= Cherokee Strip (Kansas) =

Disputed area of land on the southern border of the U.S. state of Kansas

The Cherokee Strip of Kansas, in the United States, was a disputed strip of land on the southern border of the state.

==Description==
In 1825 the Osage Nation was given a reservation in eastern Indian Territory in what is now Kansas. In the Treaty of New Echota, May 23, 1836, the northern border of the Cherokee Nation's land was set as the southern border of the Osage lands. When Congress passed the Kansas–Nebraska Act on May 30, 1854, it set the southern border of the Kansas Territory as the 37th parallel north. It was thought at the time that the Osage northern border was also the 37th parallel.

The Cherokees immediately complained, saying that it was not the true boundary and that the border of Kansas should be moved north to accommodate the actual border of the Cherokee land.

The situation languished during the troubles in Kansas leading up to the Civil War. In the 1866 Cherokee Reconstruction treaty, the Cherokee agreed to cede, in trust to the United States, such portion of their land that is in present-day Kansas. A commission was set up to survey the disputed land. The survey, approved December 11, 1871, found that the border was "off by 2.46 miles" (3.96 km). The strip in question ran from the Neosho River to the 100th meridian and amounted to 434,679.36 acre.

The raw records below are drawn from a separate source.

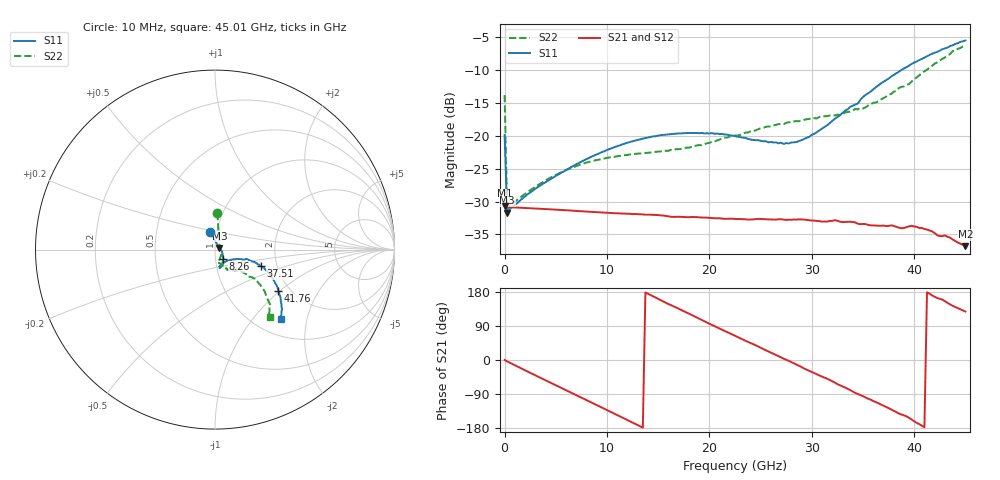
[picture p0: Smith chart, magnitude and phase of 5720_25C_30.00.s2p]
! Device:  ADRF5720
! Description: 0.5dB LSB GaAs MMIC 6-bit Digital Attenuator
! Frequency:  0.000009 -  40 GHz
! Ports:
!	RF1	= Port 1
!	RF2	= Port 2
! Vdd:  3.3 Volt
! Vss:  -3.3 Volt
! Control:  0/3.3 Volt
! State:  30.00 dB attenuation
! Data:  The device was measured using G-S-G Probes on a matrix board.
!  Data was collected using an calibrated 4 port network analyzer.
!  The reference plane for this measurement is at the launchers.
! Note:  Analog Devices supplies this data as a sample of measured data
!  for this product.  Your particular data for this product may vary.
!  Data was taken at 25 degrees C.
!  Analog Devices reserves the right to change this data at anytime.
# GHZ S DB R 45.0
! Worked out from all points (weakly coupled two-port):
!   181 points, 10 MHz to 45.01 GHz, reference 45 ohm
!   highest |S21| = -30.64 dB at 10 MHz (marker M1); lowest = -36.8 dB at 45.01 GHz (marker M2)
!   lowest |S11| = -31.7 dB at 260 MHz (marker M3), VSWR 1.05, Z = 47.2 + j0.882 ohm
!   |S11| at or under -10 dB: start of sweep to 38.75 GHz
!   |S22| runs from -31.3 to -6.2 dB; largest |S21 - S12| = 0.00012
!   S11 on the Smith chart (normalised r, x): 10 MHz: 0.93, +0.18; 8.26 GHz: 1.09, -0.11; 37.51 GHz: 1.65, -0.33; 41.76 GHz: 1.75, -0.97; 45.01 GHz: 1.30, -1.40
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0.01  -19.87 106.9  -30.64 0.1  -30.63 0.1  -13.80 86.3
0.26  -31.71 21.1  -30.83 -3.7  -30.84 -3.7  -31.32 17.3
0.51  -31.19 11.8  -30.85 -7.1  -30.86 -7.1  -30.64 7.1
3.26  -27.78 -17.5  -31.08 -43.7  -31.07 -43.7  -27.48 -34.1
7.76  -23.73 -46.2  -31.49 -102.7  -31.49 -102.6  -24.19 -67.1
8.26  -23.35 -48.5  -31.54 -109.2  -31.54 -109.1  -23.98 -68.9
12.01  -21.04 -62.0  -31.85 -158.4  -31.85 -158.4  -22.91 -77.0
15.26  -19.90 -69.9  -32.10 157.8  -32.10 157.8  -22.37 -76.1
20.26  -19.58 -75.9  -32.50 92.4  -32.50 92.4  -20.94 -66.3
22.76  -20.14 -75.0  -32.66 60.6  -32.66 60.7  -19.95 -62.3
27.26  -21.24 -56.3  -32.74 3.4  -32.73 3.5  -18.23 -58.6
28.51  -20.95 -46.9  -32.74 -12.1  -32.73 -12.1  -17.77 -58.9
30.26  -19.68 -33.5  -32.89 -34.5  -32.90 -34.5  -17.32 -56.7
34.51  -15.07 -17.3  -33.37 -89.9  -33.34 -89.9  -15.98 -47.7
35.01  -14.10 -17.1  -33.40 -95.5  -33.40 -95.4  -15.85 -46.3
37.51  -11.29 -19.7  -33.70 -126.9  -33.71 -126.8  -13.77 -39.0
37.76  -10.99 -20.3  -33.61 -130.4  -33.60 -130.3  -13.64 -38.5
39.01  -9.75 -23.4  -34.02 -146.1  -34.04 -145.9  -12.48 -39.0
39.76  -9.07 -26.1  -33.69 -157.1  -33.65 -157.2  -11.75 -36.6
41.76  -7.52 -32.9  -34.53 170.5  -34.50 170.6  -9.37 -39.1
43.76  -6.24 -40.6  -35.76 143.1  -35.73 143.2  -7.11 -45.3
45.01  -5.50 -46.6  -36.78 127.9  -36.75 127.9  -6.23 -50.7

Under terms of Article 17 of the Treaty of 1866, the land was to be sold "at not less than $1.25 an acre" ($3.09/ha) for the first year and then offered for sale at local land offices. The first year 156,848.47 acre were sold, and the balance of 277,830.89 acre was turned over to land offices during the summer of 1879. As required, the proceeds were placed in the United States Treasury subject to order of the Cherokee national council.